Remember how Google said recently that it might crack down on listings pages that are simply search results themselves? Reader Michael Nguyen dropped an email today to point out how, ironically, Google is now listing pages from its own Google Product Search service exactly as it has warned others not to do.
OK, settle down back there, those of you having a chuckle. Embarrassing? Yes! Intentional? Almost certainly not. Let’s take a look.
Try a search for snake light, and you’ll get this:
See down there at the bottom? Two pages from Google Product Search showing up in the top results:
I can’t resist. Let’s dig the hole for Google just a bit deeper before I throw down a ladder, so it can climb out.
Google’s recent warning about cracking down on search results showing up in its search results IS understandable. I mean, if you’ve done a search for beard trimmer, who wants to get a bunch of pages that just lead you to shopping sites, like this:
See all the results I’ve highlighted in red. Click on any of those, and you end up not at pages giving you information about beard trimmers or a particular beard trimmer product.

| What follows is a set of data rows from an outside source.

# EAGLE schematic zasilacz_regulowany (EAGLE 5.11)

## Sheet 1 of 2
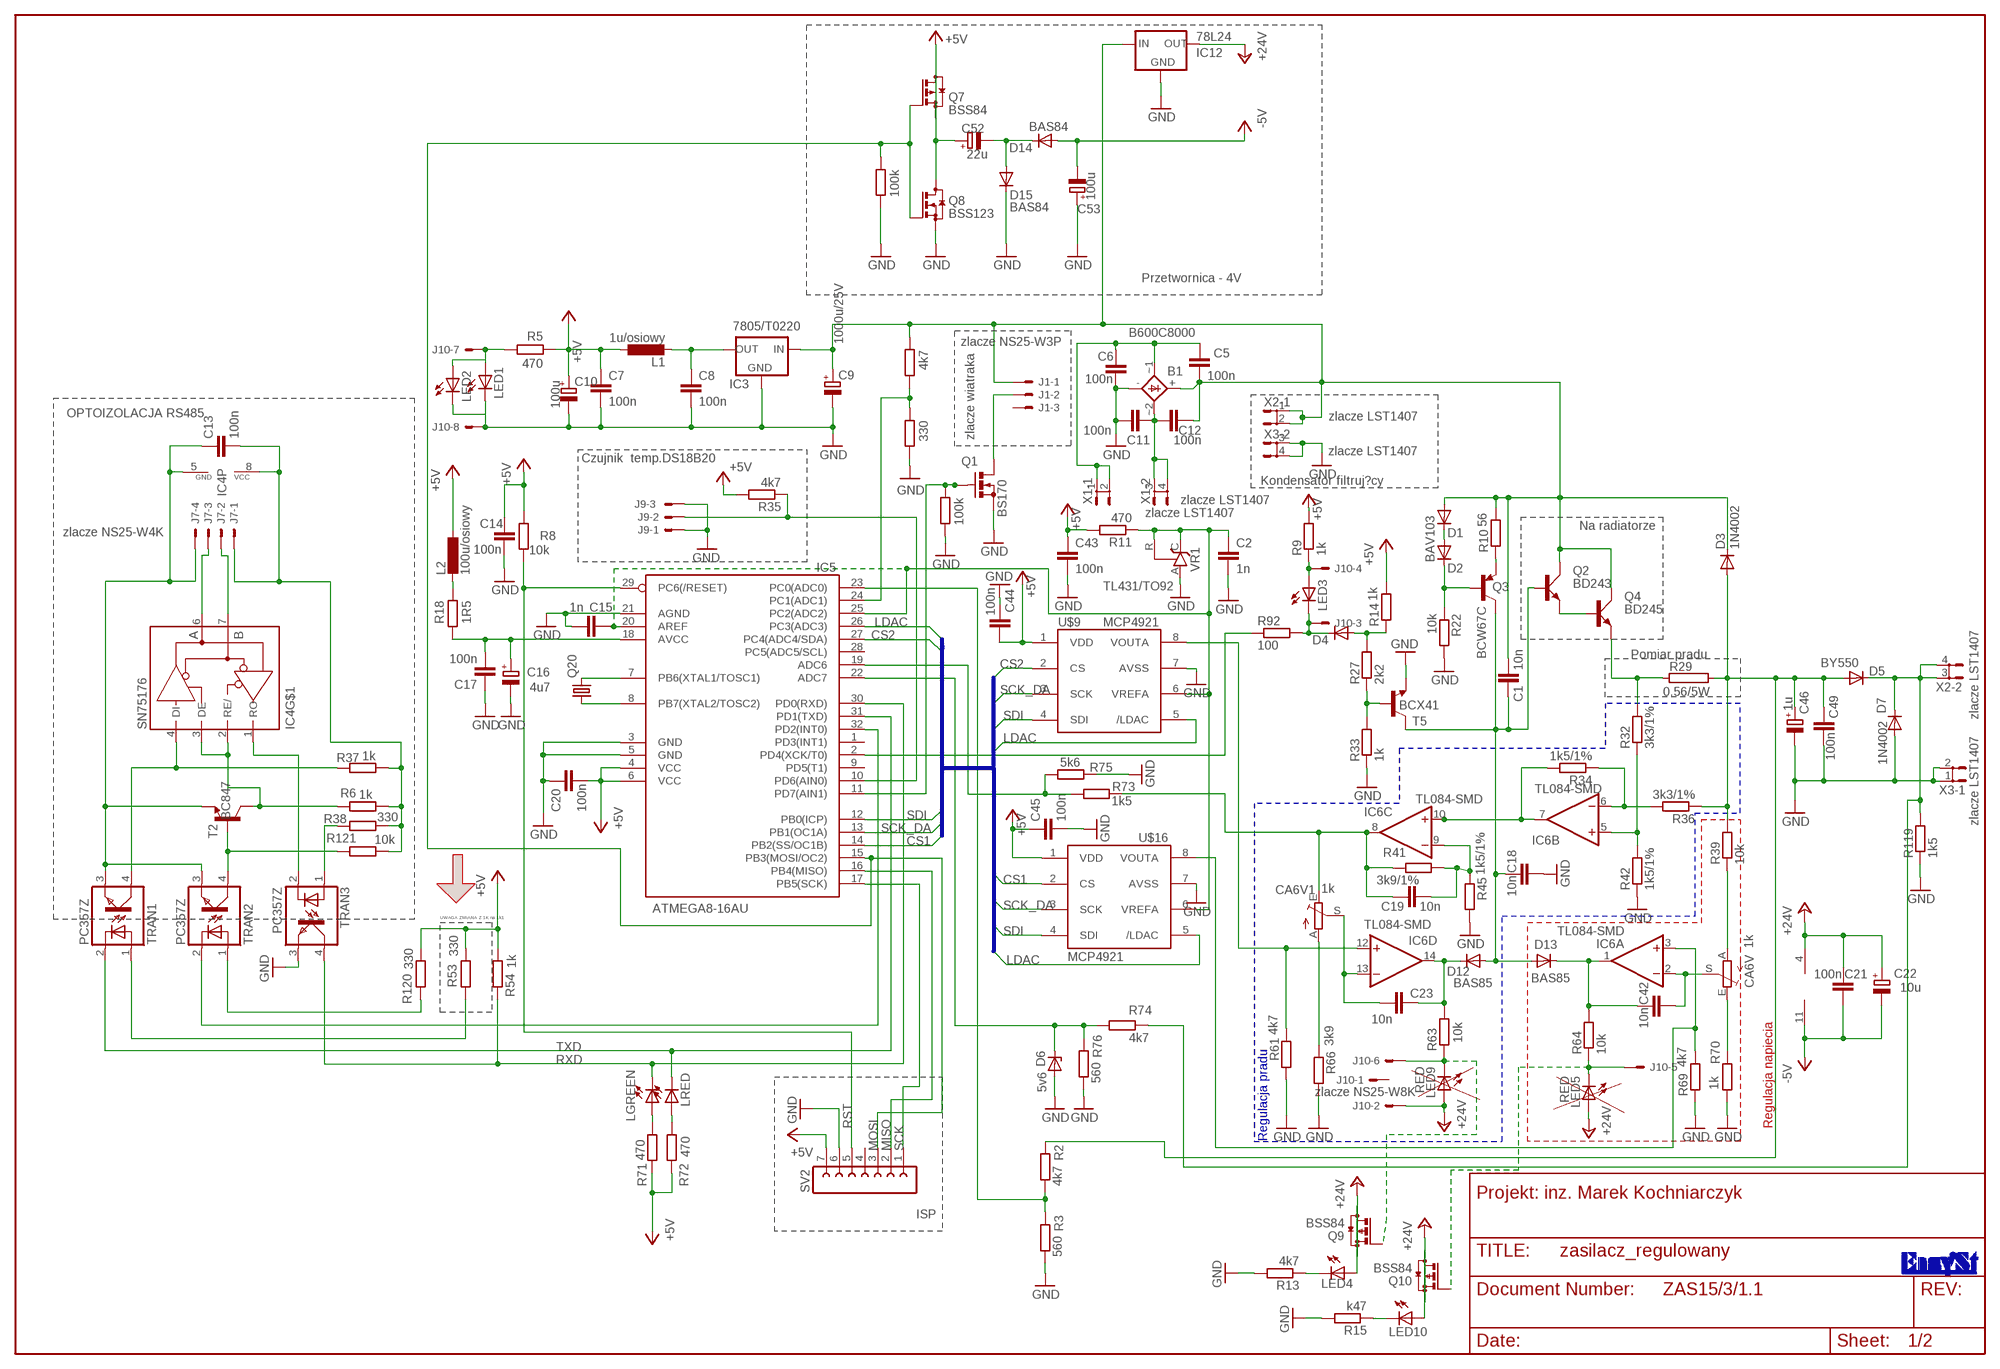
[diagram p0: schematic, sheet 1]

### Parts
B1  B600C8000  2KBB_R2  [2KBB_R2]
C1  10n  C-EUC0805  [C0805]
C2  1n  C-EUC0805  [C0805]
C5  100n  C-EUC0805  [C0805]
C6  100n  C-EUC0805  [C0805]
C7  100n  C-EUC0805  [C0805]
C8  100n  C-EUC0805  [C0805]
C9  1000u/25V  CPOL-EUTT5D11  [TT5D11]
C10  100u  CPOL-EUTT2D5  [TT2D5]
C11  100n  C-EUC0805  [C0805]
C12  100n  C-EUC0805  [C0805]
C13  100n  C-EUC0805  [C0805]
C14  100n  C-EUC0805  [C0805]
C15  1n  C-EUC0805  [C0805]
C16  4u7  CPOL-EUTT2D5  [TT2D5]
C17  100n  C-EUC0805  [C0805]
C18  10n  C-EUC0805  [C0805]
C19  10n  C-EUC0805  [C0805]
C20  100n  C-EUC0805  [C0805]
C21  100n  C-EUC0805  [C0805]
C22  10u  CPOL-EUTT2D5  [TT2D5]
C23  10n  C-EUC0805  [C0805]
C42  10n  C-EUC0805  [C0805]
C43  100n  C-EUC0805  [C0805]
C44  100n  C-EUC0805  [C0805]
C45  100n  C-EUC0805  [C0805]
C46  1u  CPOL-EUTT2D5  [TT2D5]
C49  100n  C-EUC0805  [C0805]
C52  22u  CPOL-EUTT2D5  [TT2D5]
C53  100u  CPOL-EUTT2D6  [TT2D6]
CA6V  1k  TRIM_EU-CA6H  [CA6H]
CA6V1  1k  TRIM_EU-CA6H  [CA6H]
D1  BAV103  DIODE-MINIMELF  [MINIMELF]
D2  BAV103  DIODE-MINIMELF  [MINIMELF]
D3  1N4002  DIODE-P1-10  [P1-10]
D4  DIODE-MINIMELF  [MINIMELF]
D5  BY550  DIODE-P6-15  [P6-15]
D6  5v6  ZENER-DIODESOT23  [SOT23]
D7  1N4002  DIODE-P1-10  [P1-10]
D12  BAS85  DIODE-MINIMELF  [MINIMELF]
D13  BAS85  DIODE-MINIMELF  [MINIMELF]
D14  BAS85  DIODE-MINIMELF  [MINIMELF]
D15  BAS85  DIODE-MINIMELF  [MINIMELF]
IC3  7805/T0220  78XXS  [78XXS]
IC4  SN75176  MAX481CSA  [SO08]
IC5  ATMEGA8-16AU  MEGA8-AI  [TQFP32-08]
IC6  TL084-SMD  TL084D  [SO14]
IC12  78L24  78LXX  [78LXX]
J1  zlacze NS25-W3P  22-27-2031-03  [6410-03]
J7  zlacze NS25-W4K  22-05-7048-04  [7395-04]
J9  zlacze NS25-W3P  22-27-2031-03  [6410-03]
J10  zlacze NS25-W8K  22-05-7088-08  [7395-08]
L1  1u/osiowy  L-EU0207/12  [0207/12]
L2  100u/osiowy  L-EU0207/10  [0207/10]
LED1  LED3MM  [LED3MM]
LED2  LED3MM  [LED3MM]
LED3  LED3MM  [LED3MM]
LED4  RED  LED3MM  [LED3MM]
LED5  RED  LED3MM  [LED3MM]
LED9  RED  LED3MM  [LED3MM]
LED10  RED  LED3MM  [LED3MM]
LGREEN  1206  LEDSMT1206  [1206]
LRED  1206  LEDSMT1206  [1206]
Q1  BS170  [SOT54E]
Q2  BD243  TIP41C  [TO220AV]
Q3  BCW67C  BCX71SMD  [SOT23]
Q4  BD245  TIP3055  [TOP3AV]
Q7  BSS84  [SOT23]
Q8  BSS123  [SOT23]
Q9  BSS84  [SOT23]
Q10  BSS84  [SOT23]
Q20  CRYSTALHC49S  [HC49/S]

Instead, you just get shopping search results, pages from shopping search engines listing a variety of beard trimmers and prices from merchants across the web.
For example, click on the number nine listing, and you get:
Oh, yeah, um — shopping results from across the web, courtesy of Google Product Search.
So how did this listing for Google Product Search:
Wind up being listed by Google itself in Google’s ordinary results? Is this a new conspiracy to compel searchers to try Google Product Search?
Nah. After all, Google already uses a product OneBox to push people to Google Product Search whenever it wants. With the beard trimmer search, you can see this at the top of the page:
Ah, but people might skip past this, so it’s better to be in the "real" results. This is Google perhaps trying to slip a change like this past us.
Heh. Google doesn’t need to slip that type of thing past anyone. Google’s already started preparing a move for this publicly. Remember, just last week it stopped using OneBox display for news results, putting news into regular results (for more, see here and here. I’ve yet to see this change myself). This is expected to happen to other specialized Google search results, as well.
The explanation is easy. Google almost certainly forgot to block crawling of Google Product Search results by itself and other crawlers.
Look here at the Google Product Search home page:
See those links below the search box? Those are recent queries people have done (reload the page, and they change to different examples). Click on a link, and they generate search results. Click on them as a search spider, and you’ll index search results — unless you’ve been blocked.
To block those spiders, Google would need the right entries in its robots.txt file. Let’s check!
Oops. No entries. Google does have these:
Disallow: /froogle? Disallow: /froogle_
Those were in there to stop queries from Google’s Froogle shopping search engine from being indexed. Unfortunately, Google didn’t update these entries to reflect how Froogle was renamed Google Product Search earlier this month.
That renaming shifted product results to this new URL:
As you can see in this URL for [beard trimmer]:
As soon as Google blocks the /products area via the robots.txt file, those 151,000 or so product pages that have been indexed will go away.
I am pinging Google about this, but I know exactly what they’ll say. This was an oversight, and the robots.txt file will be updated soon. So go on, you’ve had your laugh for the night!